:: Exercise requirements ::
Locate all lines in the data below that hold "REED" and show them.

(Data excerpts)
++++

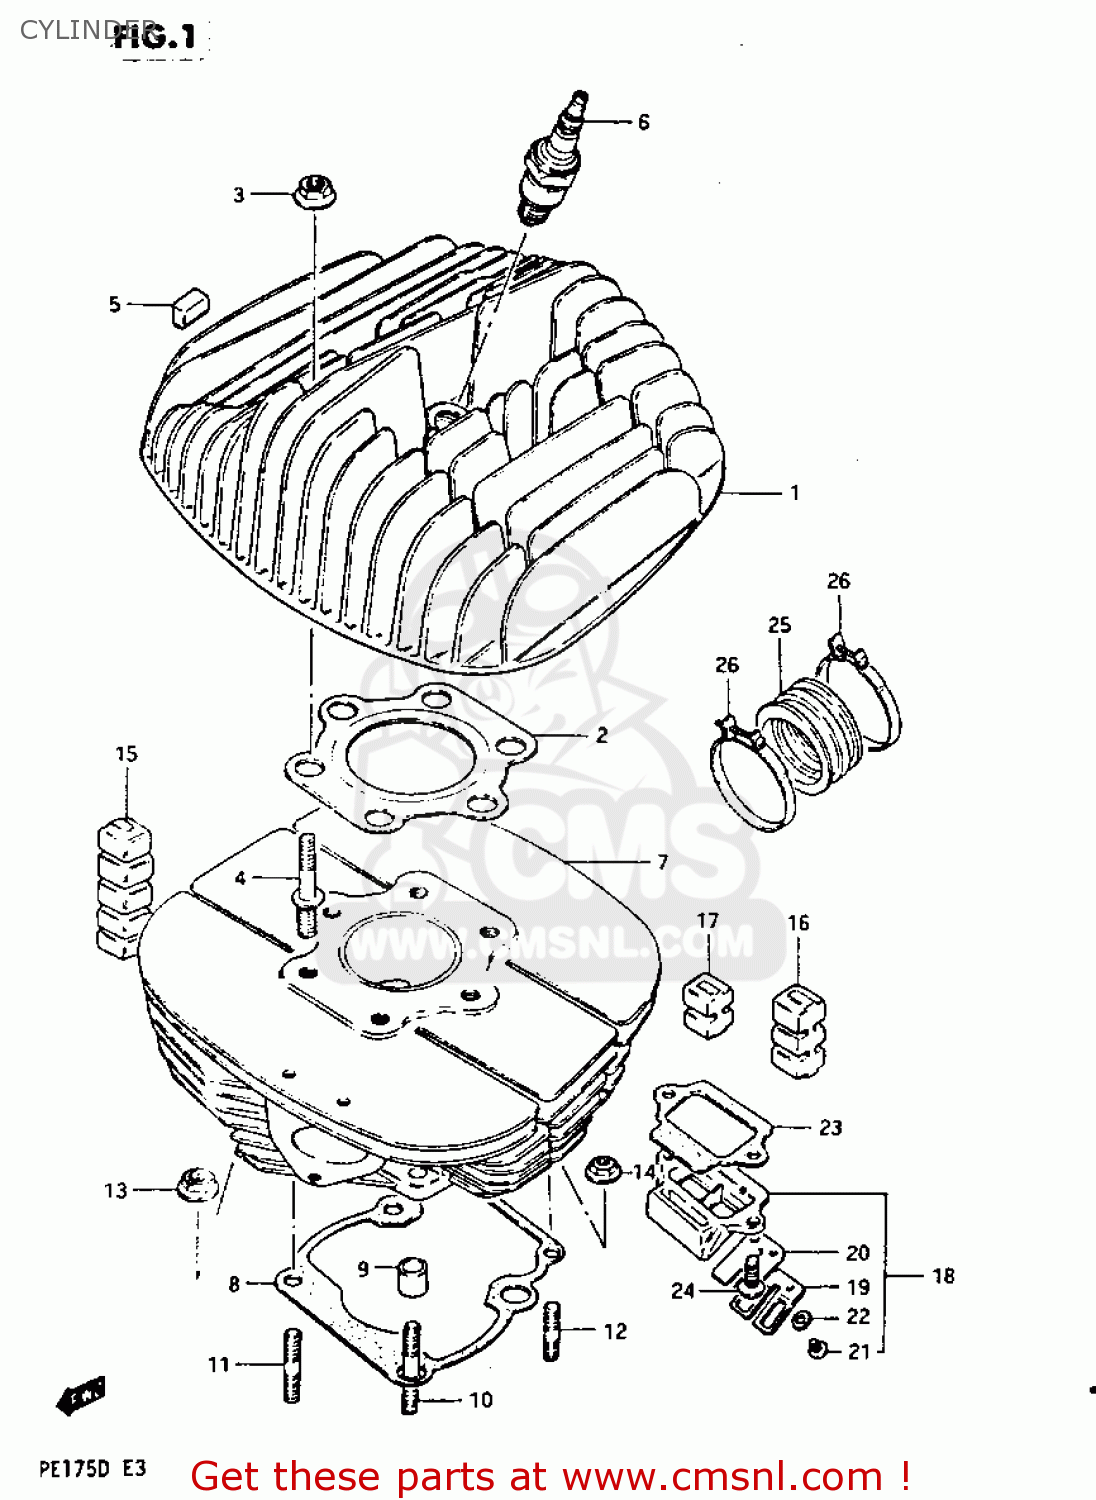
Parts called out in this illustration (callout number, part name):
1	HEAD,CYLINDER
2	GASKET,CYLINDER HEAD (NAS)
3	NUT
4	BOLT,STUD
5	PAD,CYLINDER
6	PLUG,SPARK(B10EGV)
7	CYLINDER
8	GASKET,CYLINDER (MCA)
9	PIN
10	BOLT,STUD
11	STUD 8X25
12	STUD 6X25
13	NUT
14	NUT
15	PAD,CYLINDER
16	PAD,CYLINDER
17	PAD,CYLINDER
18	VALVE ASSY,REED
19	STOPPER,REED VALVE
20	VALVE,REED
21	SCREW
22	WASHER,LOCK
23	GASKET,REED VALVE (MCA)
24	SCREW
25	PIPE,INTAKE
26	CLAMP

++++

:: Written answer ::
18	VALVE ASSY,REED
19	STOPPER,REED VALVE
20	VALVE,REED
23	GASKET,REED VALVE (MCA)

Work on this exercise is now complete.